Jumade (43) dan Tuo (40), warga Dusun Balle, Desa Tompobulu, Kecamatan Bulupoddo, Kabupaten Sinjai, Sulawesi Selatan, semringah. Berdiri di ujung jembatan gantung di atas Sungai Tangka, keduanya tak henti tersenyum sembari bersyukur.
”Lama sekali warga di sini menantikan ada jembatan. Sekian lama, kalau mau ke sawah, saya hanya punya dua pilihan. Lewat sungai jika air surut atau memutar lebih dari 100 kilometer lewat Kabupaten Bone jika air meluap,” kata Jumade.

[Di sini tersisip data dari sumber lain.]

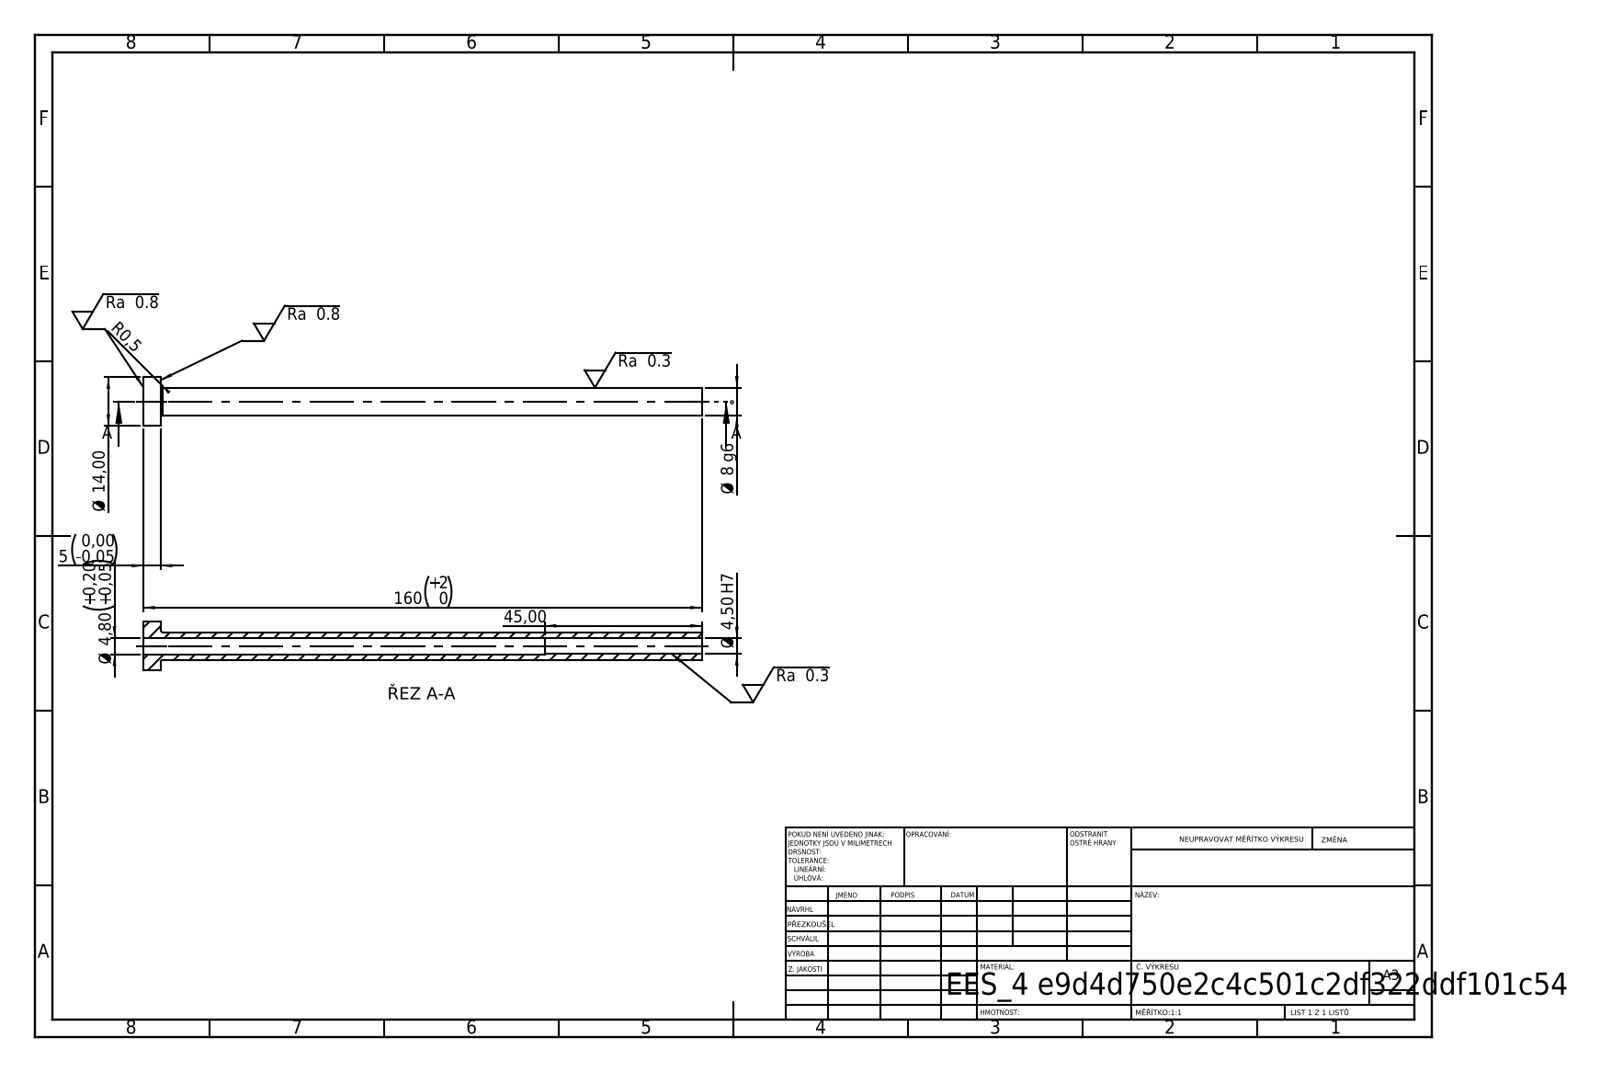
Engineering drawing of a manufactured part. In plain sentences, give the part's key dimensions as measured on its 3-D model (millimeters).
Its 3-D file was written by "SolidWorks 2019 (CONFIG_CONTROL_DESIGN)". It is 1 solid with 14 faces: 4 planar, 8 cylindrical and 2 other. Overall it measures 160 by 14 by 14 millimeters. Its volume is 5 766 cubic millimeters and its surface area 6 757 square millimeters. Round holes: 1 of diameter 4.5, 1 of diameter 4.8. Round bosses or shafts: 1 of diameter 14, 1 of diameter 8. The main face-to-face distances are 5, 160, 155, 115, 110, 45.
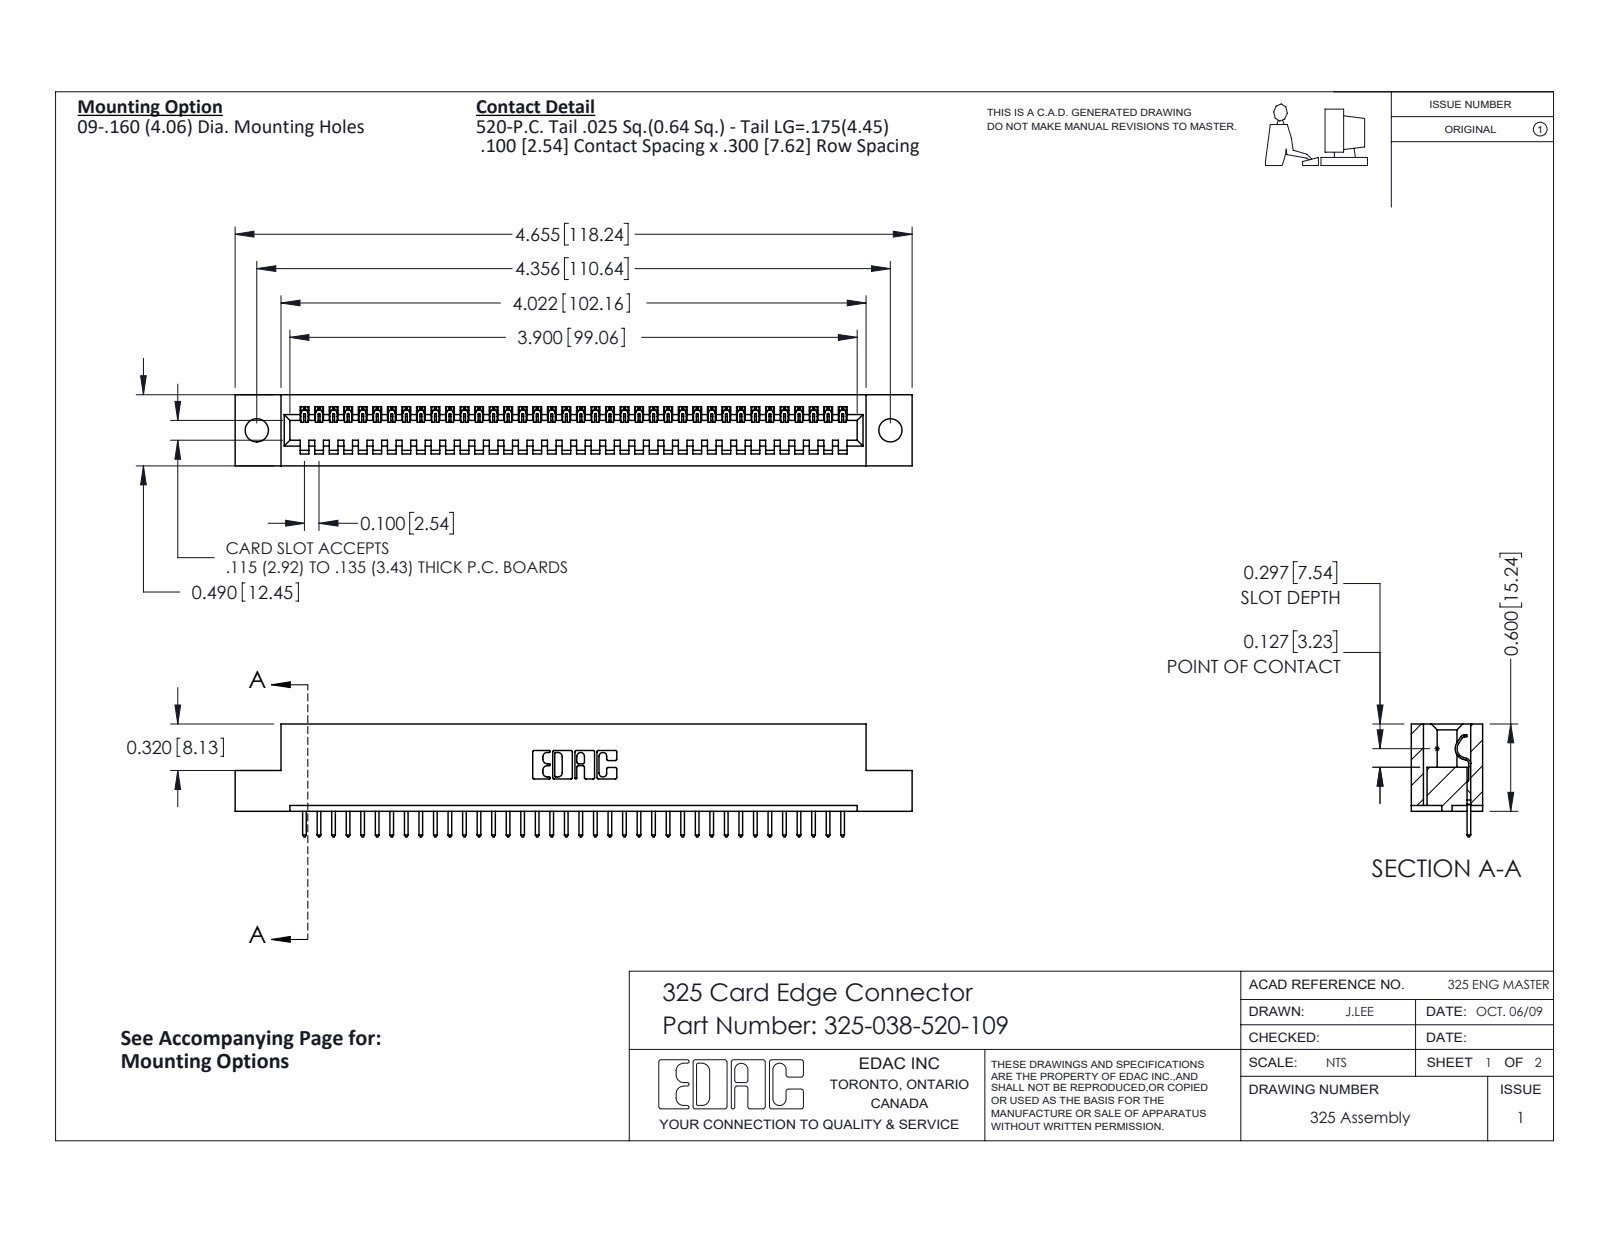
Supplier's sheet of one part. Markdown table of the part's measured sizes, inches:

Rumah Jumade di Desa Tompobulu, Sinjai, tetapi kebun di Desa Bana, Kecamatan Bontocani, Bone. Kedua desa itu dipisahkan Sungai Tangka yang membentang lebih dari 50 meter. Desa Tompobulu jauh dari ibu kota Sinjai. Begitu pula Desa Bana jauh dari ibu kota Bone.
Meski dipisahkan oleh sungai, warga kedua desa sejak lama punya hubungan kekerabatan. Kawin-mawin ada di antara mereka. Jembatan gantung sepanjang 87 meter dengan lebar 1,2 meter itu dibangun atas bantuan pembaca harian Kompas melalui Dana Kemanusiaan Kompas.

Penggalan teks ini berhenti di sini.